Usually is based on a history of exposure and the presence of chloracne or elevated hepatic transaminases.

  1. Specific levels. PCB serum and fat levels are poorly correlated with health effects. Serum PCB concentrations are usually less than 20 mcg/L; higher levels may indicate exposure but not necessarily toxicity.
  2. Other useful laboratory studies include BUN, creatinine, and liver enzymes.

Treatment

  1. Emergency and supportive measures
    1. Treat bronchospasm if it occurs.
    2. Monitor for elevated hepatic enzymes, chloracne, and nonspecific eye, GI, and neurologic symptoms.
  2. Specific drugs and antidotes. There is no specific antidote.
  3. Decontamination
    1. Inhalation. Remove the victim from exposure and give supplemental oxygen if available.
    2. Skin and eyes. Remove contaminated clothing and wash exposed skin with soap and water. Irrigate exposed eyes with copious tepid water or saline.
    3. Ingestion.
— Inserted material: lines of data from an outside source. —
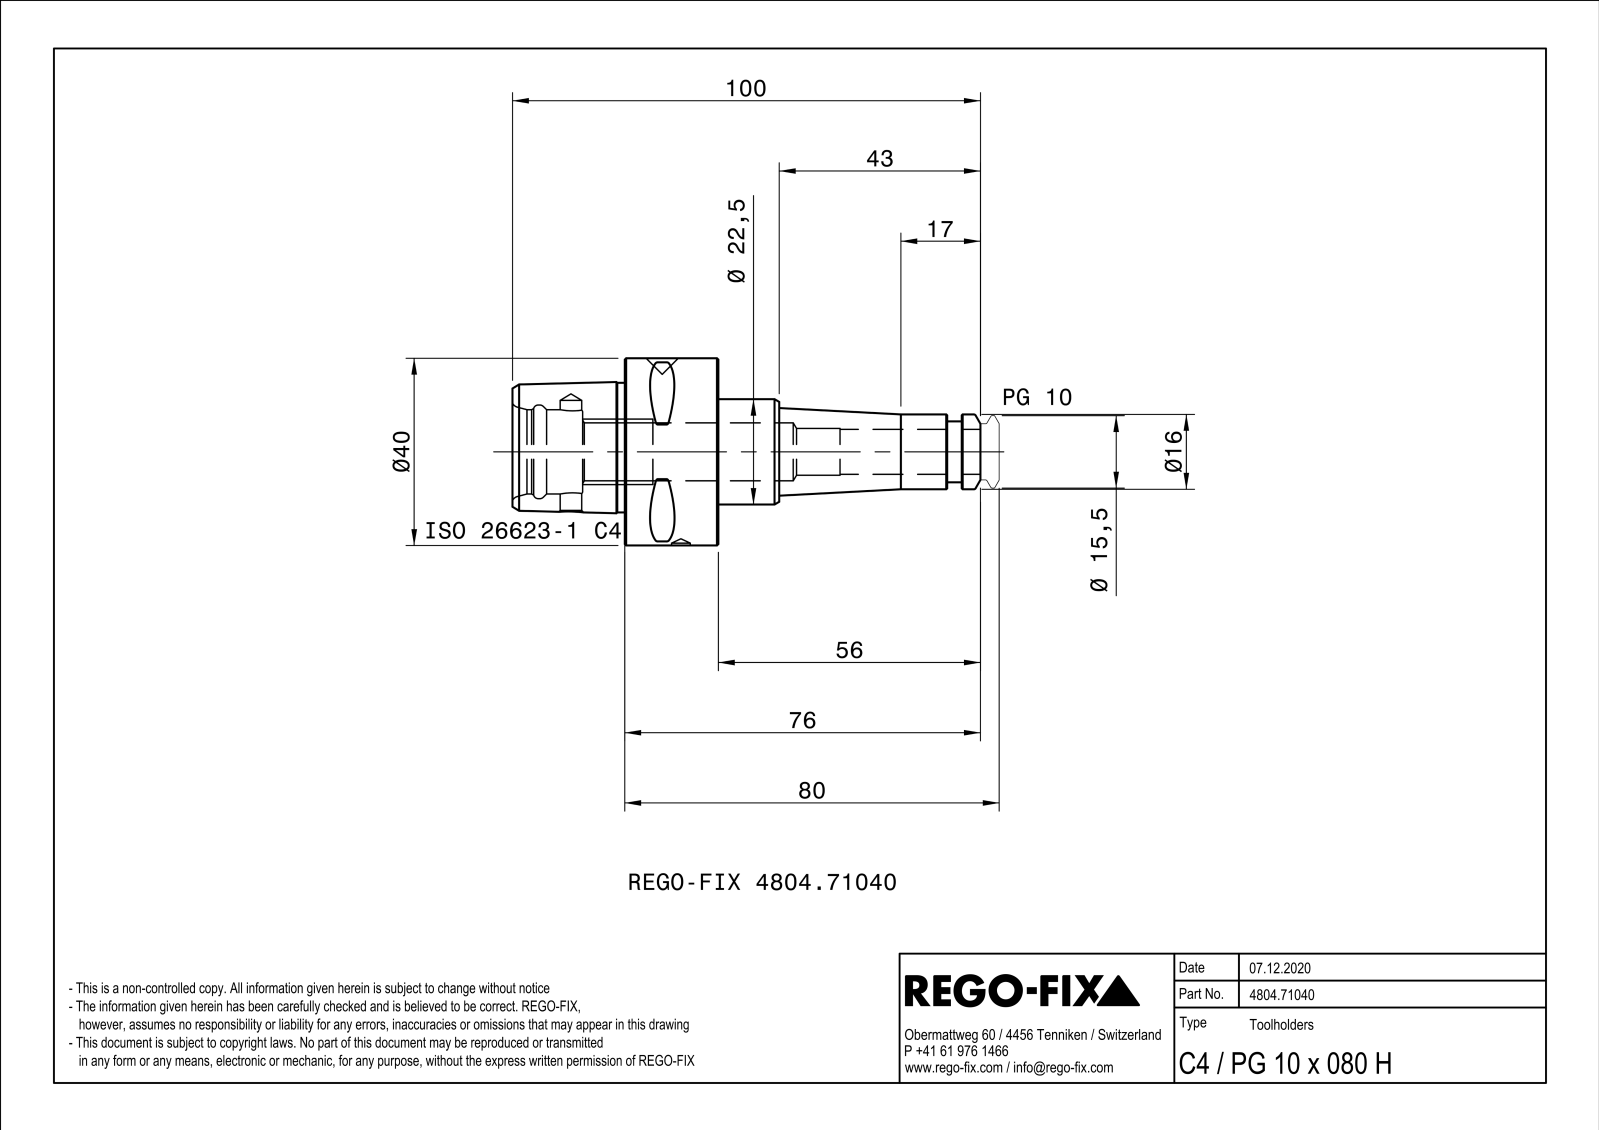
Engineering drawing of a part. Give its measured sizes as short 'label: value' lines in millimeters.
name: NOCUT
written by: SIEMENS PLM Software Solid Edge ST10 (AUTOMOTIVE_DESIGN)
unit: mm
bodies: 1 solid, 127 faces (24 planar, 25 cylindrical, 78 other)
size: 100 × 40 × 40
volume: 40 280 mm³; area: 14 007 mm²
holes: 1× ⌀4, 1× ⌀4.6, 1× ⌀10, 1× ⌀12.38, 1× ⌀18, 1× ⌀20
bosses: 1× ⌀40, 1× ⌀22.5, 1× ⌀16, 1× ⌀13
rounds: 8× R0.5, 1× R3
face distances: 20, 44, 24, 15.52, 29, 9, 15, 35.3, 3.1, 52
hole spacings: 23.5

Administer activated charcoal orally if conditions are appropriate (see Table I-37,). Gastric lavage is not necessary after small-to-moderate ingestions if activated charcoal can be given promptly.
  4. Enhanced elimination. There is no role for dialysis, hemoperfusion, or repeat-dose charcoal. Lipid-clearing drugs (eg, clofibrate and resins) have been suggested, but insufficient data exist to recommend them. Administration of the nonabsorbable fat substitute olestra has been described for dioxin poisoning, but human data are limited.